Ms. Perkins’ role in the former alderman’s ploy was believed to be extensive. While working for Arena, Perkins is alleged to have accumulated information on residents, some of whom were police officers and firefighters, and maintained an intricate database of information she established by tirelessly combing the Internet. Much of what Perkins gleaned came from spending endless hours online, rummaging through residents’ social media accounts. One Freedom of Information Act (FOIA) request returned the fact Perkins searched back almost an entire decade on one of the falsely accused officers. It is believed Perkins searched the social media accounts of close to 100 residents, all while on city time and earning a paycheck from the City of Chicago.

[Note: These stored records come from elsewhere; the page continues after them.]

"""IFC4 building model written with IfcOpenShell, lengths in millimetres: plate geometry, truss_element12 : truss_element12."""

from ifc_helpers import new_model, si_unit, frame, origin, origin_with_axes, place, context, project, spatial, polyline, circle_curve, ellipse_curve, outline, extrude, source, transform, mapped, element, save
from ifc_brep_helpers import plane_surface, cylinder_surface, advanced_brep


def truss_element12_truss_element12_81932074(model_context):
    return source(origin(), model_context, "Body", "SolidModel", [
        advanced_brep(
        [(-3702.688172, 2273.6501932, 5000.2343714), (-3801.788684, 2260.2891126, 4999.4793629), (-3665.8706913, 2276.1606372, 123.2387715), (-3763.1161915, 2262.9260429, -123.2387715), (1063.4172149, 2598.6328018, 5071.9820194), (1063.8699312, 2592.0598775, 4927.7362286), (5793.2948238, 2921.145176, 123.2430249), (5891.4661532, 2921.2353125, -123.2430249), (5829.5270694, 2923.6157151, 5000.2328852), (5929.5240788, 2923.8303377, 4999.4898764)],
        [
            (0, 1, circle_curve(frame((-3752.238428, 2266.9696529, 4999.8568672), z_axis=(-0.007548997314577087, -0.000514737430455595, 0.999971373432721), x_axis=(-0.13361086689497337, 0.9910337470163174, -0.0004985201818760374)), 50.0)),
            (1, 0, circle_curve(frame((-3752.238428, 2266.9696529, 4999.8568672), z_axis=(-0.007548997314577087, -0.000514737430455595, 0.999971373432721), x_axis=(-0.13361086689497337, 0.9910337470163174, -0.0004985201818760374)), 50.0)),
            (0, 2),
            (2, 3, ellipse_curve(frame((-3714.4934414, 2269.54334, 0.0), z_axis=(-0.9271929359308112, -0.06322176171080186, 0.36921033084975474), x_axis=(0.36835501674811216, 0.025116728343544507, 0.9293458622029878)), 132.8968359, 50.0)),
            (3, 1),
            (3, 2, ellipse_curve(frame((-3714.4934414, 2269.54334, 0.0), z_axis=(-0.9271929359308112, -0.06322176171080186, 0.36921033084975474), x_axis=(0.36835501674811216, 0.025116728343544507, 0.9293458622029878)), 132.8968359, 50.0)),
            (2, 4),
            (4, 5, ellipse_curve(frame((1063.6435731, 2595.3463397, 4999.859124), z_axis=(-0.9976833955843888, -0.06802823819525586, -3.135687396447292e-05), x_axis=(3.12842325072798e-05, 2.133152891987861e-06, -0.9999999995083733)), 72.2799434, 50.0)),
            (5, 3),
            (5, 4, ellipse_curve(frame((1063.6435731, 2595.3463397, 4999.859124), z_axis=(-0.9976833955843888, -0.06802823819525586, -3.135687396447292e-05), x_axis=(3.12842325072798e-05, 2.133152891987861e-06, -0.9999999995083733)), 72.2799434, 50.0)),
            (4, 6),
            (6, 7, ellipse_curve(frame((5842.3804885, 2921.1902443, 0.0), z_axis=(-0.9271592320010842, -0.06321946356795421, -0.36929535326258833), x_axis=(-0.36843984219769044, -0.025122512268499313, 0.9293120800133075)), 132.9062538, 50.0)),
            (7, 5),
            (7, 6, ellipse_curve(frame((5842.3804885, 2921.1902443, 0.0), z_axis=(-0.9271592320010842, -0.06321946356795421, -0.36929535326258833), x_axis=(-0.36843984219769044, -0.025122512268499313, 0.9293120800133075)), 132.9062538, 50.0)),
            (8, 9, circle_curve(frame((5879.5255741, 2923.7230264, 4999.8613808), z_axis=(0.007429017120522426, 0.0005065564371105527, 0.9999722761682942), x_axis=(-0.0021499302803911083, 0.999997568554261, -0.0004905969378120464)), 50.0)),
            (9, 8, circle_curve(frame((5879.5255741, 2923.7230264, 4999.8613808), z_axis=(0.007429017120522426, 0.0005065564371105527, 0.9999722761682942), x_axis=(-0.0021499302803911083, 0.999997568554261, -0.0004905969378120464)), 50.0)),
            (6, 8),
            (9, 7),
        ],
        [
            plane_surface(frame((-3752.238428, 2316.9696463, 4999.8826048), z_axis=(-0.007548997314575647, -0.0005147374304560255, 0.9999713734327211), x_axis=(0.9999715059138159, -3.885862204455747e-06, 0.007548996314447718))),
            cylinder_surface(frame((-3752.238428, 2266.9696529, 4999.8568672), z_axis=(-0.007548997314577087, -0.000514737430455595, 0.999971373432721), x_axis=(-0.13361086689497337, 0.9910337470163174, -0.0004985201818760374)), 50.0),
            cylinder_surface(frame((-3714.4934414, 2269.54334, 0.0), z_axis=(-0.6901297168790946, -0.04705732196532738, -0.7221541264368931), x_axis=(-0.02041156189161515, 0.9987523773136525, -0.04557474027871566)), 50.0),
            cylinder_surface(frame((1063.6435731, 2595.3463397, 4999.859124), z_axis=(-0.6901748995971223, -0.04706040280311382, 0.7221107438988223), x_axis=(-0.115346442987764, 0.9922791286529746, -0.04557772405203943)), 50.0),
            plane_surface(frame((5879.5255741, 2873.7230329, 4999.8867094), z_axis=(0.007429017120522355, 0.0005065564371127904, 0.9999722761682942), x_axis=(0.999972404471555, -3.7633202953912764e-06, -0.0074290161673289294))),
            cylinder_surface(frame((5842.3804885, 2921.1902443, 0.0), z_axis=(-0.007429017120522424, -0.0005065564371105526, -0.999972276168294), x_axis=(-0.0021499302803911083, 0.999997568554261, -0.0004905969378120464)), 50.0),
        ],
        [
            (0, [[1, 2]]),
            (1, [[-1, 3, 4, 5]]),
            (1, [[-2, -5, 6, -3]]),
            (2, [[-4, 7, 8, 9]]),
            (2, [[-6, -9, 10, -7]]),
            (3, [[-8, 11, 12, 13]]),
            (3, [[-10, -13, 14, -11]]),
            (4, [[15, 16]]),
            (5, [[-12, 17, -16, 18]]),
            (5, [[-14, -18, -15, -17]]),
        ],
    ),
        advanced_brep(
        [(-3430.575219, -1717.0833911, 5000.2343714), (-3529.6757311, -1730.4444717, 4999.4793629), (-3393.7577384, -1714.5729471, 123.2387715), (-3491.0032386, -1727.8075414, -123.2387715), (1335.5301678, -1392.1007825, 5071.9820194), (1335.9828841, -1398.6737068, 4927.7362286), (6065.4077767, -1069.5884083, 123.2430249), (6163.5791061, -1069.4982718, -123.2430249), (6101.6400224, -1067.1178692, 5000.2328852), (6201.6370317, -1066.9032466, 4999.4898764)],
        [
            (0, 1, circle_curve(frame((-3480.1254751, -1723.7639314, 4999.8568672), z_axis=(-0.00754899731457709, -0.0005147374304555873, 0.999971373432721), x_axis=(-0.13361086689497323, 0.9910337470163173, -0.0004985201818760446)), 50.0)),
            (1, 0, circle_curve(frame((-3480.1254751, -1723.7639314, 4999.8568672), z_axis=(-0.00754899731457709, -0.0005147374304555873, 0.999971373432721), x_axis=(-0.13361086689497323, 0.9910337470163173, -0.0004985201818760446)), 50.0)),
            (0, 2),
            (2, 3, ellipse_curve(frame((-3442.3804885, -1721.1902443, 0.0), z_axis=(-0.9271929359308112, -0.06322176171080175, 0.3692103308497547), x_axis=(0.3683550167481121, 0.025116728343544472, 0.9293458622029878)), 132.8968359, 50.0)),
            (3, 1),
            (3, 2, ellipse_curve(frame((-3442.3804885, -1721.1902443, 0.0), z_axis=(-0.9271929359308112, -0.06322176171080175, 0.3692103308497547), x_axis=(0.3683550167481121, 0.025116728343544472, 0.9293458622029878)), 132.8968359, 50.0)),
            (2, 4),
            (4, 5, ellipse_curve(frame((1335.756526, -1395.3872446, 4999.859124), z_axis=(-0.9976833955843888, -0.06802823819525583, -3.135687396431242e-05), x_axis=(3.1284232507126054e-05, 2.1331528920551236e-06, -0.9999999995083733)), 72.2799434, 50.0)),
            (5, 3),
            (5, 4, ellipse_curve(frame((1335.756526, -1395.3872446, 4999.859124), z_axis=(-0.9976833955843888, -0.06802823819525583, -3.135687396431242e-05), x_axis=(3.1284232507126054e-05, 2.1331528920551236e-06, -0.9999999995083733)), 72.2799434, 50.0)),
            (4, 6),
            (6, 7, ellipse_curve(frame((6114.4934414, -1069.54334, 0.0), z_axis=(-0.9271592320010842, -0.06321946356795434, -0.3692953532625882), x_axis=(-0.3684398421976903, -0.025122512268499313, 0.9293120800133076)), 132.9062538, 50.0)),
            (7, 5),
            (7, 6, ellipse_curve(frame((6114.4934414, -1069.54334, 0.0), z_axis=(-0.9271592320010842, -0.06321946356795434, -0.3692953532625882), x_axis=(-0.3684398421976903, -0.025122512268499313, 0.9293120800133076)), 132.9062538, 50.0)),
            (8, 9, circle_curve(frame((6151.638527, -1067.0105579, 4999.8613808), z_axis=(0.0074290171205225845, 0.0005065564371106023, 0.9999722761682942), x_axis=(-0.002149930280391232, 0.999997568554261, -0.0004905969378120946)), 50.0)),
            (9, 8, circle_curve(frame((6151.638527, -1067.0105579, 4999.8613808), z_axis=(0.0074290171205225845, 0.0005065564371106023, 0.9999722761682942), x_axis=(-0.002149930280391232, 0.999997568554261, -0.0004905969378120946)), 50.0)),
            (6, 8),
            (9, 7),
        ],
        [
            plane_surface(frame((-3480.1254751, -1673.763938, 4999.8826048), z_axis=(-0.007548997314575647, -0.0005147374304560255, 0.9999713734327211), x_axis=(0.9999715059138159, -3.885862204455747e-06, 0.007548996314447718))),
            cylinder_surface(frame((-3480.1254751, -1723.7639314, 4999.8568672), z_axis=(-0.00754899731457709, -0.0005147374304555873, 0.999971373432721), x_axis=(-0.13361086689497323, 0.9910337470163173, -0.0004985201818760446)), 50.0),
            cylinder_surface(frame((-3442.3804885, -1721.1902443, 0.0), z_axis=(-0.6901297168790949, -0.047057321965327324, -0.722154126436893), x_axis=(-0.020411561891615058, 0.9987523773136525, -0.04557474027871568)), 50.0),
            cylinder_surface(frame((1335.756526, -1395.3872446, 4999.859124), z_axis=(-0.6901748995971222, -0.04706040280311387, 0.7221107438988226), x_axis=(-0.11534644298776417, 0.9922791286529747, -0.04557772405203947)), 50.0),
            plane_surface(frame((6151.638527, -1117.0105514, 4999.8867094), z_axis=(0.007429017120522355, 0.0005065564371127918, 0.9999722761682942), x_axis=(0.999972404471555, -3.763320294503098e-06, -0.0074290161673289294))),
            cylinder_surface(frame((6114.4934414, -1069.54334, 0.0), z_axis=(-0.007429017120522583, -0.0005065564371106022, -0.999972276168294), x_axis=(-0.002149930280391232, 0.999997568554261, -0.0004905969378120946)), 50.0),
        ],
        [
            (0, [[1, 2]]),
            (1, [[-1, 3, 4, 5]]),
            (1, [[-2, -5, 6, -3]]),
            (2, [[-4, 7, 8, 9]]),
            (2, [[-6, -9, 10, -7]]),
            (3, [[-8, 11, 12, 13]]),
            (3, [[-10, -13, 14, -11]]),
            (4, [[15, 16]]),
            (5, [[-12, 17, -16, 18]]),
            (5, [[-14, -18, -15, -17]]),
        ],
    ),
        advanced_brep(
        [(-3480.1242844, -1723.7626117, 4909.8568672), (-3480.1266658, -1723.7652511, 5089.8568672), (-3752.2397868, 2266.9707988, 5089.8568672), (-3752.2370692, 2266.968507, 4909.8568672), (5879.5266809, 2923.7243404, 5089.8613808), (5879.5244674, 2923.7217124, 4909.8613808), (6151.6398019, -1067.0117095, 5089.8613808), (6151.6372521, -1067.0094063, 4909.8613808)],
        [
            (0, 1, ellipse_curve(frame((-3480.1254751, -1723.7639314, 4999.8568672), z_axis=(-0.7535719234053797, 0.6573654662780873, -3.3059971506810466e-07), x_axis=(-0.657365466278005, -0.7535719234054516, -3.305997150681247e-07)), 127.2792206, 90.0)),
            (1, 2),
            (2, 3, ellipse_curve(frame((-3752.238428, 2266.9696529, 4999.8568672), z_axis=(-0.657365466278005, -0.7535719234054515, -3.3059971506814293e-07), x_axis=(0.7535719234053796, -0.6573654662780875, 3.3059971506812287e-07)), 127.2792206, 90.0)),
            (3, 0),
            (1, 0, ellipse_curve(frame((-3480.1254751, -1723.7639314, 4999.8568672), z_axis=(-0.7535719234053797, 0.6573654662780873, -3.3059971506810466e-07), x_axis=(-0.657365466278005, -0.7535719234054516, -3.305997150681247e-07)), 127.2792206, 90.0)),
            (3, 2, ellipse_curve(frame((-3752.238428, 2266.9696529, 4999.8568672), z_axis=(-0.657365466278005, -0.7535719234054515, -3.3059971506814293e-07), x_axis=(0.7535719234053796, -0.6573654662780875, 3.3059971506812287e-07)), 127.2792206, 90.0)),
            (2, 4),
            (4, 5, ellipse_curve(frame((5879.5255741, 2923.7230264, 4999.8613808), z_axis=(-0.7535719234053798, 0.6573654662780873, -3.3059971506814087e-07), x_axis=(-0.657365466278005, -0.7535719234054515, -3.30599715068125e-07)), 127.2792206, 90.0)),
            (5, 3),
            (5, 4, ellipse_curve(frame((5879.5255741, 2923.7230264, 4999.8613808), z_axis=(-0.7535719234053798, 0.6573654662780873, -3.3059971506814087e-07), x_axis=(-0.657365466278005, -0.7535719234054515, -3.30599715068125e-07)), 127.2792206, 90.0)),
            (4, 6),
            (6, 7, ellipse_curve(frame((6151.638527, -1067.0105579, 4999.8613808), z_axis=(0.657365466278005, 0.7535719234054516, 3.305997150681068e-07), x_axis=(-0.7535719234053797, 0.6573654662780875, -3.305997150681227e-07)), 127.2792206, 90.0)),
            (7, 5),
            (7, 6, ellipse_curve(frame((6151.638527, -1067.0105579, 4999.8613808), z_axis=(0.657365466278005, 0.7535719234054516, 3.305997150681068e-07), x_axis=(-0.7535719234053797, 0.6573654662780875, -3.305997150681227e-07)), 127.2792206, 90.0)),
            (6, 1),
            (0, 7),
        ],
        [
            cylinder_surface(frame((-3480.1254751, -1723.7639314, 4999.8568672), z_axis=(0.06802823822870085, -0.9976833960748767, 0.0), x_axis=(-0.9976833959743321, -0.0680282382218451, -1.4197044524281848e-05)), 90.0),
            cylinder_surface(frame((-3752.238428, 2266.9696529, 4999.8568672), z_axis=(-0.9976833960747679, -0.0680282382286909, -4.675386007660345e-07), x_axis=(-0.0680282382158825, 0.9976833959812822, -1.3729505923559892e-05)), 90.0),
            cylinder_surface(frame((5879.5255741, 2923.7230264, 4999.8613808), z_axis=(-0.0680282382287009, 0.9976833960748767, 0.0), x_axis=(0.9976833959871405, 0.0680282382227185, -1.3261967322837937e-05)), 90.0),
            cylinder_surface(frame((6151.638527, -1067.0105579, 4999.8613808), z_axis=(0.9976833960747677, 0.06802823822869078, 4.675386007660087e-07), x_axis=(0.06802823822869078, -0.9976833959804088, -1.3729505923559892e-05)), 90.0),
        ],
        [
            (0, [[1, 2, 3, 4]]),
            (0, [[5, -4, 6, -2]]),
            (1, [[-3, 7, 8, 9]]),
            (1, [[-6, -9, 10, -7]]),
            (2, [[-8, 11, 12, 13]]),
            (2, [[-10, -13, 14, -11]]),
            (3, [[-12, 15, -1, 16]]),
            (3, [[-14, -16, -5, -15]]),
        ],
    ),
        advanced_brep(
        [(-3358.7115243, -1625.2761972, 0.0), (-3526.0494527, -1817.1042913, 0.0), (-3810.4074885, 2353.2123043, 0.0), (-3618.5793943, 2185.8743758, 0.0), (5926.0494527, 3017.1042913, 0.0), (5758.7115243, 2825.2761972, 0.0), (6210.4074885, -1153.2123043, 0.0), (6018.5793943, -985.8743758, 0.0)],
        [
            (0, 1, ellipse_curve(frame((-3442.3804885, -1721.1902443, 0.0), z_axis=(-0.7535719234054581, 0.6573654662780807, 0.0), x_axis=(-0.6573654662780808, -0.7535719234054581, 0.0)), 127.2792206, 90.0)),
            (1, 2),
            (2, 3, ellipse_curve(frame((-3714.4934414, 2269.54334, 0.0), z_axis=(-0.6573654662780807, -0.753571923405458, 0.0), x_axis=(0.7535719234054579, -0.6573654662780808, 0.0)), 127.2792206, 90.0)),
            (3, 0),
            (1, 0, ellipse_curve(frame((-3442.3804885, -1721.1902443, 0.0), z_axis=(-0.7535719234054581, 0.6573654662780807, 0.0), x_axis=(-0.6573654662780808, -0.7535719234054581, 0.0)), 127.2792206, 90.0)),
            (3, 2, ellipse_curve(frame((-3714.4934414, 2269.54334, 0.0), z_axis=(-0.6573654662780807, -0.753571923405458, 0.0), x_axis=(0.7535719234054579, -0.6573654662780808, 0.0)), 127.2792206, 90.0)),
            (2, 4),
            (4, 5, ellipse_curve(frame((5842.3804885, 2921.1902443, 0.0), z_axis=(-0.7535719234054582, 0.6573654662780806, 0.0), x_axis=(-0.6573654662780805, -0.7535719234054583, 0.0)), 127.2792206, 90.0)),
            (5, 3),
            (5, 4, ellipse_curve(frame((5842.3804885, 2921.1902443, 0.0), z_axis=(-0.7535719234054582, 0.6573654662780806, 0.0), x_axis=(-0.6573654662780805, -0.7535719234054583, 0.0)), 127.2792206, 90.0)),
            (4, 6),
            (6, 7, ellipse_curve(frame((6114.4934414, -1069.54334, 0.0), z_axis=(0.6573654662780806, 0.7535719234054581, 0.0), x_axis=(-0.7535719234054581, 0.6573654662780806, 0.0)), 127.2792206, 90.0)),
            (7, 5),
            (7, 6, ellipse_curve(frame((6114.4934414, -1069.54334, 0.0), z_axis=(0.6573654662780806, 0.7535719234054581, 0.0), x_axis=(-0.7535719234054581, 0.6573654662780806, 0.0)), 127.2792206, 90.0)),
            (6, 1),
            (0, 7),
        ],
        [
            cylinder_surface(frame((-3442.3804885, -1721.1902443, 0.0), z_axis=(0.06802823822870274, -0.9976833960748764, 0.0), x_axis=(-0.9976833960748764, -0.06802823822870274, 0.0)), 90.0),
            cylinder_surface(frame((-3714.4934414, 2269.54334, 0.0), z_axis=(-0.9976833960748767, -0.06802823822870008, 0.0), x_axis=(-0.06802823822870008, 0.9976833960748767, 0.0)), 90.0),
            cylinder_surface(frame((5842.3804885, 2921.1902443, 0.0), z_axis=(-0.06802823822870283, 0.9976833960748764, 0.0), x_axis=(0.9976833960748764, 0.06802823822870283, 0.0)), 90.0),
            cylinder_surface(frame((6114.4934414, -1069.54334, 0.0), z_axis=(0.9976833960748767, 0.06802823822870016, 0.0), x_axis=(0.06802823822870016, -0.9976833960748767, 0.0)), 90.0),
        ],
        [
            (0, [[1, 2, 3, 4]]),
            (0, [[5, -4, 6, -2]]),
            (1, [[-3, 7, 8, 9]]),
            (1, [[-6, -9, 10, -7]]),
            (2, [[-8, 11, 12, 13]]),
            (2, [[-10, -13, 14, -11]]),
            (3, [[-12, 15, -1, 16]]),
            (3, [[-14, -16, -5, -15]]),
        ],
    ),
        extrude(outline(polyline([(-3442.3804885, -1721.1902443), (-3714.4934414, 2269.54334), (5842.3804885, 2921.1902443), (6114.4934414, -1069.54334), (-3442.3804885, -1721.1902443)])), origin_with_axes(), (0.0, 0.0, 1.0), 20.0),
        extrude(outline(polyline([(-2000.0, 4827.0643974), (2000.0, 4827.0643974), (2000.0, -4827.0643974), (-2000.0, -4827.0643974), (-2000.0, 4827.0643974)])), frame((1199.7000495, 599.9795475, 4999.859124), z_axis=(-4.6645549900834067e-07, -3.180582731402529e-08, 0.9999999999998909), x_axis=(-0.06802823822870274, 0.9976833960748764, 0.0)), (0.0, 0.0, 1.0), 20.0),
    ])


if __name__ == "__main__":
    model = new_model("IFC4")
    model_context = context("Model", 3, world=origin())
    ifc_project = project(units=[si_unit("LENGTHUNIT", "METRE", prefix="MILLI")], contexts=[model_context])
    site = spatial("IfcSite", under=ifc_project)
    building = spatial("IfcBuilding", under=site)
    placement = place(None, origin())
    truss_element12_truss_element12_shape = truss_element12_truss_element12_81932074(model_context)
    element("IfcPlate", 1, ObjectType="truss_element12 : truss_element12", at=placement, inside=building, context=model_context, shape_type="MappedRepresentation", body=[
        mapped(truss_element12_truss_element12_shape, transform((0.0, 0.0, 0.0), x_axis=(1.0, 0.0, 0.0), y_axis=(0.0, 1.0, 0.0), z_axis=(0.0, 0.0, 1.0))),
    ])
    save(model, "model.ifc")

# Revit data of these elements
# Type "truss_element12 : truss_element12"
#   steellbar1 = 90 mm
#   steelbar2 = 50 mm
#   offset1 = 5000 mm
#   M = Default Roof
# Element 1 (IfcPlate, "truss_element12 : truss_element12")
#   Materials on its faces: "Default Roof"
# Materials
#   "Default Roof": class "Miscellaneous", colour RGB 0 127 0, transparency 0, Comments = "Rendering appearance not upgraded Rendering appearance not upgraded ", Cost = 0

A key player in a sleazy attempt to smear Northwest Side residents as racists, Perkins’ role in the whole affair resembled a cog in a devious, deep-state machine found in a Marxist purgatory such as Cuba. Almost immediately, the claim of racism against the police officers residing in Arena’s ward began to fall apart when aides working in the former alderman's office contacted the Anti-Defamation League (ADL). The ADL wasn’t buying Arena’s argument: FOIAs exposed e-mails between Ms. Perkins and the ADL showed the liberties group questioning the validity and severity of the residents’ social media posts. Ultimately, 29 of 31 complaints made by Arena against the officers were found to be utterly without foundation by the city’s police oversight agency, the Civilian Office of Police Accountability (COPA). For COPA to reject the allegations, the charges must have been pretty pathetic, as COPA has a long record of embracing and running with even the weakest allegations against police.

Apart from the ADL raising doubts over Arena’s absurd allegations, another factor which nullifies the legitimacy of COPA’s investigation is the oversight agency to this day refuses to tender to the accused official, written verification Arena’s charges have been determined to be unfounded.

After Arena was unseated by Jim Gardiner in 2019, Perkins shifted over to Maria Hadden's office and now serves as the 49th Ward alderman’s chief of staff.  Almost immediately upon starting her job with Haddon, Perkins courted controversy with a tweet attacking Gardiner, the man who unseated her former boss. Jumping into a Twitter spat between Gardiner, a former firefighter, and Mayor Lightfoot, Perkins responded to a jab Lightfoot threw at Gardiner after the 45th Ward alderman explicitly disapproved of Arena’s hire by Chicago’s Department of Planning and Development (DPD) with: “I wonder how a firefighter feels about getting burned so badly.” A comment so revolting it drew the disgust of Reverend Thomas A. Mulcrone, Chaplain Emeritus of the Chicago Fire Department, Mulcrone penned a letter to Haddon condemning Perkins’ hostility. Hadden, however, failed to see the wickedness of Perkin’s remark, dismissed it and characterized it as a “joke.”

Is this what Hadden is bringing to Rogers Park? What does it say about the kind of leader Hadden will be, what kind of leadership she will provide for public safety, by hiring Perkins as her chief of staff, someone with such an obvious antipathy for police and firefighters and such a record of suspicious tactics against political opponents?

Hadden's language and politics are all music to the ears for the various factions of Gangster Disciples, Latin Kings, and other gangs robbing, shooting, and terrorizing the 49th Ward. Gang members know the veteran cops who gave so much to Rogers Park are leaving in disgust. The same gangs know they have Cook County State’s Attorney Kim Foxx working for them and now a bevy of useless, grandstanding aldermen like Hadden are backing them as well.